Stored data
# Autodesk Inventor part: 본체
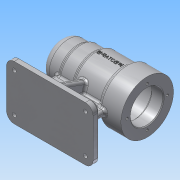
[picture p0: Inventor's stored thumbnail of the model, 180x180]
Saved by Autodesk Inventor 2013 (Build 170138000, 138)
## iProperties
Created: 2016-06
Part Number: 본체
Material: 알루미늄 6061
Document SubType Name: Modeling
Designer: Administrator
Density: 1 g/cm^3
Author: Administrator
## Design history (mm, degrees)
sketch "스케치1"
  geometry: L1 (-56, 0)-(56, 0); L2 (-56, 0)-(-56, 25); L3 (-56, 25)-(-31, 25); L4 (-31, 25)-(-31, 27); L5 (-31, 27)-(-11, 27); L6 (-11, 27)-(-11, 30); L7 (-11, 30)-(28, 30); L8 (28, 30)-(28, 34); L9 (28, 34)-(56, 34); L10 (56, 34)-(56, 0); 2 further points
  constraints: 20 end point, 6 parallel, 3 perpendicular, 1 coincident, 1 horizontal, 1 midpoint
  dimensions: "d0" = 112 distance of L1.start L1.end; "d1" = 50 diameter of L3 L1; "d2" = 54 diameter of L5 L1; "d3" = 60 diameter of L7 L1; "d4" = 68 diameter of L9 L1; "d5" = 25 distance of L3.end L2.end; "d6" = 45 horizontal distance of L5.end L2.end; "d7" = 84 horizontal distance of L7.end L2.end
revolve "회전1" sketch "스케치1" stored, may be unused: angle "d8" = 90 deg
sketch "스케치2"
  geometry: C1 r 34 at (0, 0) reference; C2 r 21 at (0, 0)
  constraints: 1 centre point, 1 coincident
  dimensions: "d9" = 42 diameter of C2
extrude "돌출1" cut sketch "스케치2" distance "d10" = 15; taper "d11" = 0 deg
hole "구멍1" diameter "d14" = 42; stored, may be unused: countersink angle "d18" = 90 deg, drill point angle "d20" = 0 deg; dims "d12" = 10, "d13" = 10, "d15" = 6, "d16" = 48, "d17" = 54, "d19" = 66
hole "구멍2" diameter "d23" = 32; stored, may be unused: countersink angle "d27" = 90 deg, drill point angle "d29" = 0 deg; dims "d21" = 10, "d22" = 10, "d24" = 6, "d25" = 35, "d26" = 18, "d28" = 22
sketch "스케치3"
  geometry: C1 r 16 at (0, 0) reference; C2 r 10.5 at (0, 0)
  constraints: 1 centre point, 1 coincident
  dimensions: "d30" = 21 diameter of C2
extrude "돌출2" cut sketch "스케치3" distance "d31" = 3; taper "d32" = 0 deg
fillet "모깎기1" dims "d33" = 10
fillet "모깎기2" dims "d34" = 3
sketch "스케치5"
  geometry: L1 (56, -60)-(-56, -60); L2 (-56, -60)-(-56, -70); L3 (-56, -70)-(56, -70); L4 (56, -70)-(56, -60); L5 (56, -60)-(-56, -70); L6 (-56, -60)-(56, -70); 3 further points
  constraints: 12 end point, 3 midpoint, 2 parallel, 1 horizontal, 1 perpendicular, 1 vertical alignment
  dimensions: "d35" = 112 distance of L3.end L2.end; "d36" = 10 distance of L2.end L1.end; "d37" = 70 distance from line of point (0, 0) L3
extrude "돌출3" join sketch "스케치5" stored distance "d38" = 70; taper "d39" = 0 deg; dims "d30" = 21
sketch "스케치6"
  geometry: C1 r 21 at (0, 0) reference; 1 further point
  constraints: 1 vertical alignment
  dimensions: "d40" = 26 distance of C1.centre point (0, 26)
hole "구멍3" sketch "스케치6" at (0, 26) diameter "d41" = 3.242; stored, may be unused: countersink angle "d45" = 90 deg, drill point angle "d47" = 118 deg; dims "d42" = 8, "d43" = 35, "d44" = 18, "d46" = 11
fillet "모깎기3" dims "d51" = 10
sketch "스케치8"
  geometry: A1 r 10 centre (0, 60) between (0, 70) and (-10, 60) reference; A2 r 10 centre (0, 10) between (-10, 10) and (0, 0) reference; A3 r 10 centre (92, 10) between (92, 0) and (102, 10) reference; A4 r 10 centre (92, 60) between (102, 60) and (92, 70) reference; 5 further points
  constraints: 4 coincident
hole "구멍4" sketch "스케치8" at (0, 60), (92, 60), (92, 10), (0, 10) diameter "d52" = 5; stored, may be unused: countersink angle "d56" = 90 deg, drill point angle "d58" = 0 deg; dims "d53" = 6, "d54" = 9, "d55" = 4, "d57" = 8
sketch "스케치9"
  geometry: L1 (-10, 60)-(-10, 10) reference; L2 (82, 31)-(10, 31); L3 (10, 31)-(10, 39); L4 (10, 39)-(82, 39); L5 (82, 39)-(82, 31); L6 (82, 31)-(10, 39); L7 (10, 31)-(82, 39); 1 further point
  constraints: 12 end point, 2 midpoint, 2 parallel, 1 horizontal, 1 perpendicular
  dimensions: "d59" = 8 distance of L2.end L3.end; "d60" = 20 distance between parallel lines of L1 L3
extrude "돌출4" join sketch "스케치9" stored distance "d61" = 10; taper "d62" = 0 deg
sketch "스케치10"
  geometry: L1 (-60, -35)-(-70, -35) reference; L2 (-70, -35)-(-70, 35) reference; L3 (-70, 35)-(-60, 35) reference; L4 (-60, 35)-(-60, 4) reference; L5 (-60, 4)-(-29.732, 4) reference; L6 (-29.732, -4)-(-60, -4) reference; L7 (-60, -4)-(-60, -35) reference; L8 (-60, 28)-(-25.68, 15.509); C1 r 24 at (0, 0) reference; A1 r 30 centre (0, 0) between (-29.732, -4) and (-29.732, 4) reference; 1 further point
  constraints: 2 end point, 1 point on circle, 1 point on line
  dimensions: "d63" = 7 distance of L3.end L8.start; "d64" = 110 deg angle of L4 L8
feature "리브1" sketch "스케치10" dims "d65" = 1, "d66" = 8, "d67" = 0, "d68" = 0, "d69" = 1, "d70" = 1
sketch "스케치12"
  geometry: L1 (-60, -4)-(-60, -35) reference; L2 (-60, -35)-(-70, -35) reference; L3 (-70, -35)-(-70, 35) reference; L4 (-70, 35)-(-60, 35) reference; L5 (-60, 35)-(-60, 28) reference; L6 (-60, 28)-(-25.68, 15.509) reference; L7 (-29.732, -4)-(-60, -4) reference; L8 (-25.68, -15.509)-(-60, -28); C1 r 24 at (0, 0) reference; A1 r 30 centre (0, 0) between (-29.732, -4) and (-25.68, 15.509) reference; 1 further point
  constraints: 2 end point, 1 point on circle, 1 point on line
  dimensions: "d71" = 7 distance of L1.end L8.end; "d72" = 110 deg angle of L1 L8
feature "리브2" sketch "스케치12" dims "d73" = 1, "d74" = 8, "d75" = 0, "d76" = 0, "d77" = 1, "d78" = 1
fillet "모깎기4" dims "d79" = 3
fillet "모깎기5" dims "d80" = 3
node "작업 평면1"
sketch "스케치13"
  geometry: L1 (47.5, -34)-(47.5, 34) reference; 2 further points
  constraints: 1 horizontal alignment, 1 other
  dimensions: "d81" = 48 distance from line of L1 point (-0.5, 0)
feature "엠보싱1" sketch "스케치13" dims "d12" = 10, "d13" = 10, "d82" = 0.5, "d83" = 0
fillet "모깎기6" dims "d84" = 3
fillet "모깎기7" dims "d85" = 3
chamfer "모따기1" distance "d86" = 1; stored, may be unused: second distance "d87" = 2, angle "d88" = 45 deg
fillet "모깎기8" dims "d89" = 0.3
chamfer "모따기2" distance "d90" = 4; stored, may be unused: second distance "d91" = 2, angle "d92" = 45 deg
node "솔리드1"
pattern_circular "원형 패턴1" dims angle "d49" = 360 deg
node "절단 모서리 투영1"
node "절단 모서리 투영2"

◆ Problem statement
Keeping every character as it is, restate the lines above that run from the line with "Density: 1 g/cm^3" through the line with "constraints: 20 end", both included, and nothing else.

◆ Answer for the task
Density: 1 g/cm^3
Author: Administrator
## Design history (mm, degrees)
sketch "스케치1"
  geometry: L1 (-56, 0)-(56, 0); L2 (-56, 0)-(-56, 25); L3 (-56, 25)-(-31, 25); L4 (-31, 25)-(-31, 27); L5 (-31, 27)-(-11, 27); L6 (-11, 27)-(-11, 30); L7 (-11, 30)-(28, 30); L8 (28, 30)-(28, 34); L9 (28, 34)-(56, 34); L10 (56, 34)-(56, 0); 2 further points
  constraints: 20 end point, 6 parallel, 3 perpendicular, 1 coincident, 1 horizontal, 1 midpoint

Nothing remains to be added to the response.